Anhedonia has also been linked to dysfunctional reward mechanisms in the brain. As such, treatments which focus more on improving the way the brain processes reward could help alleviate anhedonia more effectively than current treatments.

But the brain’s reward system isn’t straightforward, and actually involves various subprocesses – including anticipation, motivation, pleasure and learning about reward. Problems with any one of these subprocesses could be contributing to anhedonia. As such, it will be important for research to uncover how these subprocesses operate in people with anhedonia to develop better targets for treatment.

Treatment options when nothing feels good anymore

While anhedonia may be complex, that doesn’t mean there’s no hope for those who are affected by it.

For instance, research shows that talking therapies that focus on reward processing could help reduce anhedonia. A recent pilot study also found that a new type of talk therapy called augmented depression therapy may work better than cognitive behavioural therapy in treating depression.
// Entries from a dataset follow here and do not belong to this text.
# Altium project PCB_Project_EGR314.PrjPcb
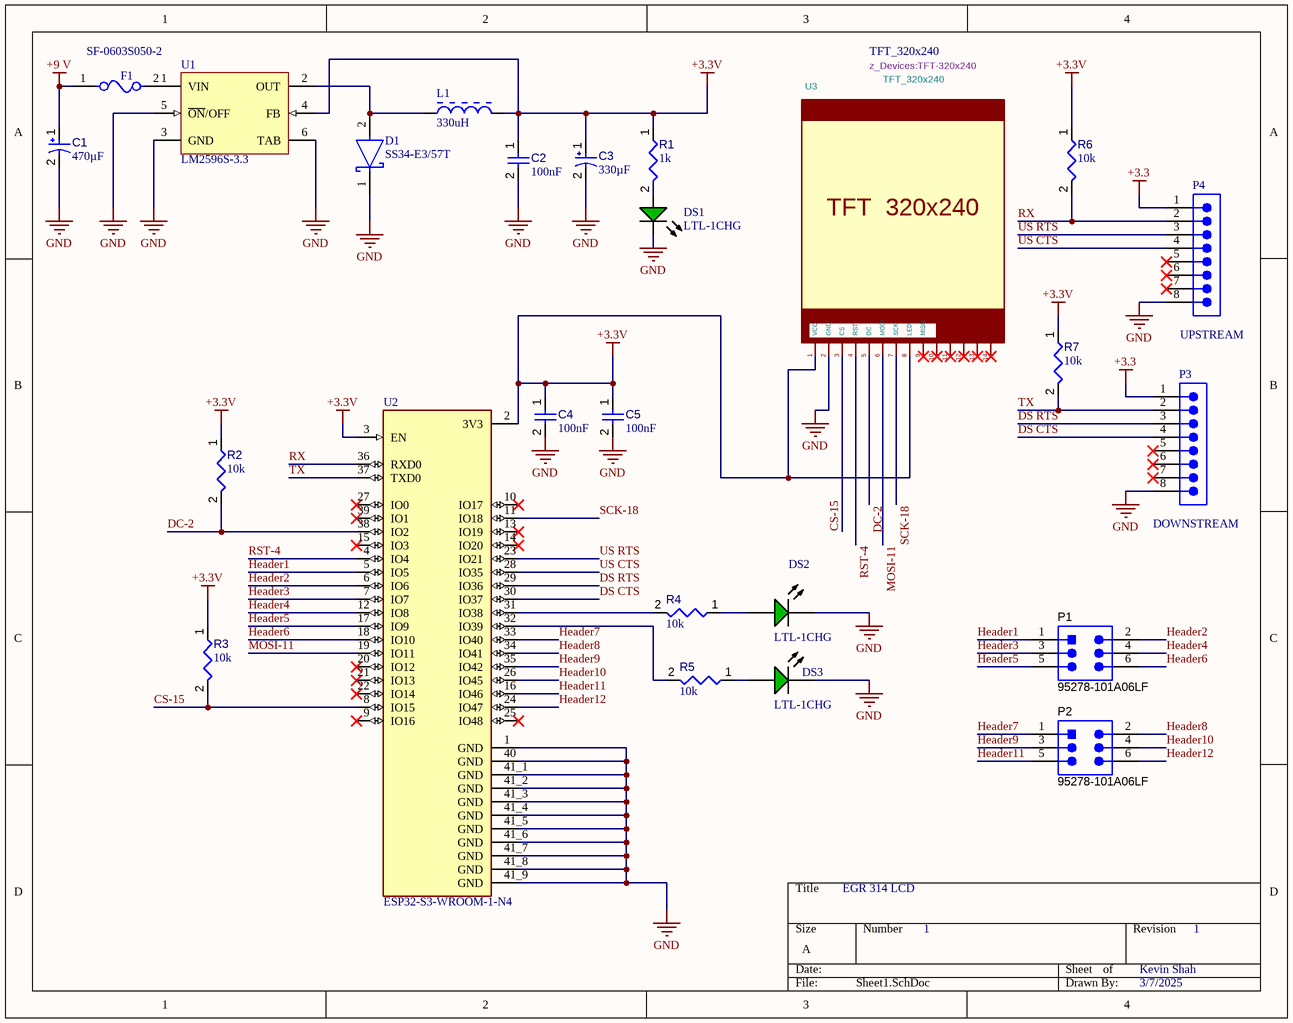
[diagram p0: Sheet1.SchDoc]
1 sheet, 25 parts. Net scope: global (net labels, ports and power ports of the same name join across sheets).
Board files: PCB1.PcbDoc, triak.PcbDoc

## Sheet Sheet1.SchDoc
size A; SheetNumber: 1; SheetTotal: 1

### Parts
C1  value 470µF  [CAPPR65-500-2000X1000X2200]  (hidden comment: ECA-1HM471)
C2  value 100nF  [CAPC0402(1005)60_L]  (hidden comment: Capacitor 100nF +/-20% 10V 0402)
C3  value 330µF  [PNSC-6TPF220M5L]  (hidden comment: Capacitor 330µF +/-20% 6.3V D3)
C4  value 100nF  [CAPC0402(1005)60_L]  (hidden comment: Capacitor 100nF +/-20% 10V 0402)
C5  value 100nF  [CAPC0402(1005)60_L]  (hidden comment: Capacitor 100nF +/-20% 10V 0402)
D1  SS34-E3/57T  [FP-95402-MFG]
DS1  LTL-1CHG  [LTST-LTL-1CHG-2]
DS2  LTL-1CHG  [LTST-LTL-1CHG-2]
DS3  LTL-1CHG  [LTST-LTL-1CHG-2]
F1  SF-0603S050-2  [FP-SF-0603S-MFG]
L1  330uH  [BOUR-SRN3015-2_V]
P1  95278-101A06LF  [AMPM-95278-101A06LF_V]
P2  95278-101A06LF  [AMPM-95278-101A06LF_V]
P3  DOWNSTREAM  [61300811121]
P4  UPSTREAM  [61300811121]
R1  value 1k  [RESA60-630X240]  (hidden comment: MFR-25FBF52-1K)
R2  value 10k  [RESC1005X40X25ML05T05]  (hidden comment: Resistor 10k +/-1% 0402 63 mW)
R3  value 10k  [RESC1005X40X25ML05T05]  (hidden comment: Resistor 10k +/-1% 0402 63 mW)
R4  value 10k  [RESC1005X40X25ML05T05]  (hidden comment: Resistor 10k +/-1% 0402 63 mW)
R5  value 10k  [RESC1005X40X25ML05T05]  (hidden comment: Resistor 10k +/-1% 0402 63 mW)
R6  value 10k  [RESC1005X40X25ML05T05]  (hidden comment: Resistor 10k +/-1% 0402 63 mW)
R7  value 10k  [RESC1005X40X25ML05T05]  (hidden comment: Resistor 10k +/-1% 0402 63 mW)
U1  LM2596S-3.3  [KTT0005B_N]
U2  ESP32-S3-WROOM-1-N4  [XCVR_ESP32-S3-WROOM-1U-N4]
U3  TFT_320x240  Footprint: z_Devices:TFT-320x240  [PCBComponent_1]

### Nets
+3.3: P3.1 P4.1
+3.3V: C2.1 C3.1 C4.1 C5.1 L1.2 R1.1 R2.1 R3.1 R6.1 R7.1 U1.4(FB) U2.2(3V3) U2.3(EN) U3.1(VCC) U3.8(LED)
+9 V: C1.1 F1.1
GND: C1.2 C2.2 C3.2 C4.2 C5.2 D1.1(C) DS1.2(K) DS2.2(K) DS3.2(K) P3.8 P4.8 U1.3(GND) U1.5(~{ON}/OFF) U1.6(TAB) U2.1(GND) U2.40(GND) U2.41_1(GND) U2.41_2(GND) U2.41_3(GND) U2.41_4(GND) U2.41_5(GND) U2.41_6(GND) U2.41_7(GND) U2.41_8(GND) U2.41_9(GND) U3.2(GND)
CS-15: R3.2 U2.8(IO15) U3.3(CS)
DC-2: R2.2 U2.38(IO2) U3.5(DC)
DS CTS: P3.4 U2.30(IO37)
DS RTS: P3.3 U2.29(IO36)
Header1: P1.1 U2.5(IO5)
Header2: P1.2 U2.6(IO6)
Header3: P1.3 U2.7(IO7)
Header4: P1.4 U2.12(IO8)
Header5: P1.5 U2.17(IO9)
Header6: P1.6 U2.18(IO10)
Header7: P2.1 U2.33(IO40)
Header8: P2.2 U2.34(IO41)
Header9: P2.3 U2.35(IO42)
Header10: P2.4 U2.26(IO45)
Header11: P2.5 U2.16(IO46)
Header12: P2.6 U2.24(IO47)
MOSI-11: U2.19(IO11) U3.6(MOSI)
RST-4: U2.4(IO4) U3.4(RST)
RX: P4.2 R6.2 U2.36(RXD0)
SCK-18: U2.11(IO18) U3.7(SCK)
TX: P3.2 R7.2 U2.37(TXD0)
US CTS: P4.4 U2.28(IO35)
US RTS: P4.3 U2.23(IO21)
NetD1_2: D1.2(A) L1.1 U1.2(OUT)
NetDS1_1: DS1.1(A) R1.2
NetDS2_1: DS2.1(A) R4.1
NetDS3_1: DS3.1(A) R5.1
NetR4_2: R4.2 U2.31(IO38)
NetR5_2: R5.2 U2.32(IO39)

Not connected (* = marked no-connect by the designer): F1 2; P3 5* 6* 7*; P4 5* 6* 7*; U1 1(VIN); U2 9(IO16)* 10(IO17)* 13(IO19)* 14(IO20)* 15(IO3)* 20(IO12)* 21(IO13)* 22(IO14)* 25(IO48)* 27(IO0)* 39(IO1)*; U3 9(MISO)* 10* 11* 12* 13* 14*

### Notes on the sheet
- EGR 314 LCD
- 1
- Kevin Shah
- 3/7/2025

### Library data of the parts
C1 = CMP-001-00032-8: Aluminum Electrolytic Capacitor, 470 uF, +/- 20%, 50 V, -40 to 85 degC, 2-Pin THD, RoHS, Bulk; Manufacturer: Panasonic; Ripple Current: 650mA; Voltage Rating: 50V
C2 C4 C5 = CMP-001-00061-3: Chip Capacitor, 100nF +/-20%, 10V, 0402, Thickness 0.6 mm; Tolerance: 20%
C3 = CMP-001-00058-3: Molded Tantalum Polymer Capacitor, 330 uF, +/- 20%, 6.3 V, -55 to 105 degC, 2-Pin SMD, RoHS, Tape and Reel
D1 = CMP-02539-000012-1: DIODE SCHOTTKY 40V 3A DO214AB; Manufacturer: Vishay; Max Junction Temp: +150°C; Peak Reverse Current: 0.5mA; Max Surge Forward Current: 100A; Standoff Height: 0mm
DS1-DS3 = CMP-007-00019-2: LED Uni-Color Green, 100 mW, 30 mA, -55 to 100 degC, 2-Pin THD, RoHS, Bulk; Manufacturer: Lite-On; Power: 100mW; Forward Voltage: 2.6V; Forward Current: 30mA; Nominal Vf: 2.1V; Lens Style: Dome; Viewing Angle: 60degrees; Luminous Intensity: 12.6mcd
F1 = CMP-07399-000004-1: FUSE BOARD MNT 500MA 50VDC 0603; Manufacturer: Bourns Inc.; Fuse I2T: 0.009A2Sec; Fuse Current: 0.5A; Fuse Interrupt Ac Current: 50A; Max Fuse Ac Voltage: 35V; Resistance: 232mΩ; Fuse Blow Speed: Slow; Value: 232mΩ; Max Fuse Dc Voltage: 50V
L1 = CMP-0007-00002-1: Semi-shielded Power Inductor, 33 uH, +/- 20%, 0.5 A, -40 to 125 degC, 3 x 3 x 1.5 mm SMD, RoHS and Halogen Free, Tape and Reel; PartNumber: SRN3015-330M; Manufacturer: Bourns; DCR Max: 0.959 Ohm; Resistance to Solder Heat: +260 degC for 10 sec.; Inductance: 33 uH; Isat: 0.46 A; Rated current: 0.5 A; SRF Min: 22 MHz; Inductance tolerance: +/- 20%
P1 P2 = CMP-002-00024-2: Male Header, Pitch 2.54 mm, 2 x 3 Position, Height 14.4 mm, RoHS, Tape and Reel; Manufacturer: Amphenol
P3 P4 = CMP-1502-01076-3: NexarPartId: 32855533; Connector Type: Male Pin; Number of Contacts: 8; Voltage Rating: 250V; Current Rating: 3A; Contact Resistance: 20mΩ; Pitch: 2.54mm; Gender: Male
R1 = CMP-009-00048-4: Axial Resistor, 1 KOhm, +/- 1%, 250 mW, -55 to 155 degC, 2-Pin THD, RoHS, Bulk; Manufacturer: Yageo; Voltage Rating: 250V; Power: 250mW
R2-R7 = CMP-009-00019-5: Chip Resistor, 10 KOhm, +/- 1%, 63 mW, -55 to 155 degC, 0402 (1005 Metric); Power: 63mW; Voltage Rating: 50V
U1 = CMP-0069-00276-3: SIMPLE SWITCHER® Power Converter 150 KHz 3A Step-Down Voltage Regulator, 5-pin TO-263; Manufacturer: Texas Instruments; PowerWise: N; PackageTopMarking: NSUZXYTTE#*LM2596S*-3.3 P+
U2 = ESP32-S3-WROOM-1-N4: MF: {'manufacturer': u'Espressif Systems'}

This is because augmented depression therapy specifically targets anhedonia by having patients focus on both their negative and positive experiences.

Further, antidepressants that target neurotransmitters involved in the reward system (such as dopamine) might be better suited for patients with anhedonia. Early work examining drugs such as ketamine, which can affect dopamine activity, suggests it may have promise for treating anhedonia.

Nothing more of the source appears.